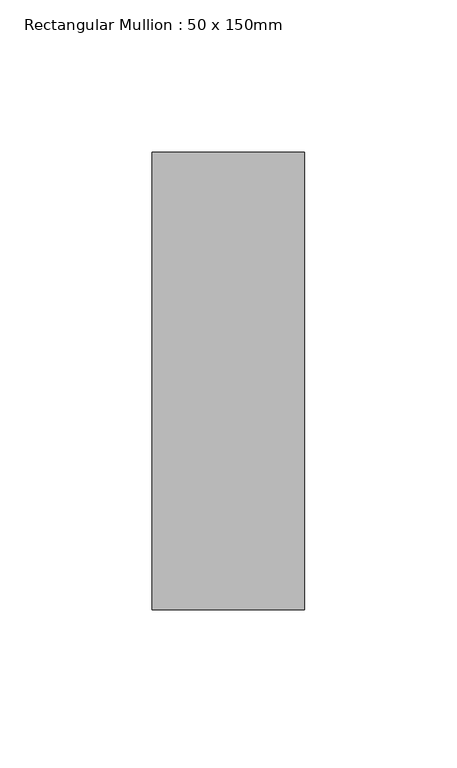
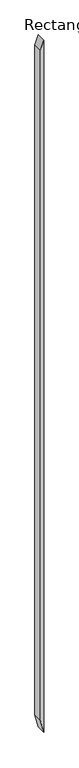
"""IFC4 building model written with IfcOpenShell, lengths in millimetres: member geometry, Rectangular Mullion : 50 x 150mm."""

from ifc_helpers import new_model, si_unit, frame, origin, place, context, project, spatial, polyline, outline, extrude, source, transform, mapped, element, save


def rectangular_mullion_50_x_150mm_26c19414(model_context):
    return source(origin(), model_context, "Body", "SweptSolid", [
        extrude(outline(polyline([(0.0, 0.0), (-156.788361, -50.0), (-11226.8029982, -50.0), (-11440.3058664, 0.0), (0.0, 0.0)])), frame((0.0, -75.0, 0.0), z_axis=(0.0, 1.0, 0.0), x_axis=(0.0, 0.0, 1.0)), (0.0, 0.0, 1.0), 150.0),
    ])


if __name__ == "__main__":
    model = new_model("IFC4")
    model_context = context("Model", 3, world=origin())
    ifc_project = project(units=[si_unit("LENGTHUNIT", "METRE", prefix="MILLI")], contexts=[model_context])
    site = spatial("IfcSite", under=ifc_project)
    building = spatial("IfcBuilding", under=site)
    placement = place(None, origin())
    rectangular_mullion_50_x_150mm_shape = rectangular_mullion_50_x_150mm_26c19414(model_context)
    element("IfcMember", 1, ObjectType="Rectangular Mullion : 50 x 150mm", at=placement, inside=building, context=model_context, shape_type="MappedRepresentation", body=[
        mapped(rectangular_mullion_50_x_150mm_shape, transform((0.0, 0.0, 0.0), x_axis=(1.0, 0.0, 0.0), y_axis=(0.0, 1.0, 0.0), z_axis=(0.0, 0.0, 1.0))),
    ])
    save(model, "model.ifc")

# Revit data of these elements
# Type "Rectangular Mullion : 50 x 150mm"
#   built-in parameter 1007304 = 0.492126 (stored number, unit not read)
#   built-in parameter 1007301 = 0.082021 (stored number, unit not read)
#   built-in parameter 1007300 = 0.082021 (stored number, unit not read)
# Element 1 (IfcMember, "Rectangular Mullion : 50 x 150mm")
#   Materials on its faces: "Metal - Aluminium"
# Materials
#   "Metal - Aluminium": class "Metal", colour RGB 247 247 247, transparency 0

What the exercise asks: When repeating the listing, keep each line exact and exclude the pictures.

Solution below:
"""IFC4 building model written with IfcOpenShell, lengths in millimetres: member geometry, Rectangular Mullion : 50 x 150mm."""

from ifc_helpers import new_model, si_unit, frame, origin, place, context, project, spatial, polyline, outline, extrude, source, transform, mapped, element, save


def rectangular_mullion_50_x_150mm_26c19414(model_context):
    return source(origin(), model_context, "Body", "SweptSolid", [
        extrude(outline(polyline([(0.0, 0.0), (-156.788361, -50.0), (-11226.8029982, -50.0), (-11440.3058664, 0.0), (0.0, 0.0)])), frame((0.0, -75.0, 0.0), z_axis=(0.0, 1.0, 0.0), x_axis=(0.0, 0.0, 1.0)), (0.0, 0.0, 1.0), 150.0),
    ])


if __name__ == "__main__":
    model = new_model("IFC4")
    model_context = context("Model", 3, world=origin())
    ifc_project = project(units=[si_unit("LENGTHUNIT", "METRE", prefix="MILLI")], contexts=[model_context])
    site = spatial("IfcSite", under=ifc_project)
    building = spatial("IfcBuilding", under=site)
    placement = place(None, origin())
    rectangular_mullion_50_x_150mm_shape = rectangular_mullion_50_x_150mm_26c19414(model_context)
    element("IfcMember", 1, ObjectType="Rectangular Mullion : 50 x 150mm", at=placement, inside=building, context=model_context, shape_type="MappedRepresentation", body=[
        mapped(rectangular_mullion_50_x_150mm_shape, transform((0.0, 0.0, 0.0), x_axis=(1.0, 0.0, 0.0), y_axis=(0.0, 1.0, 0.0), z_axis=(0.0, 0.0, 1.0))),
    ])
    save(model, "model.ifc")

# Revit data of these elements
# Type "Rectangular Mullion : 50 x 150mm"
#   built-in parameter 1007304 = 0.492126 (stored number, unit not read)
#   built-in parameter 1007301 = 0.082021 (stored number, unit not read)
#   built-in parameter 1007300 = 0.082021 (stored number, unit not read)
# Element 1 (IfcMember, "Rectangular Mullion : 50 x 150mm")
#   Materials on its faces: "Metal - Aluminium"
# Materials
#   "Metal - Aluminium": class "Metal", colour RGB 247 247 247, transparency 0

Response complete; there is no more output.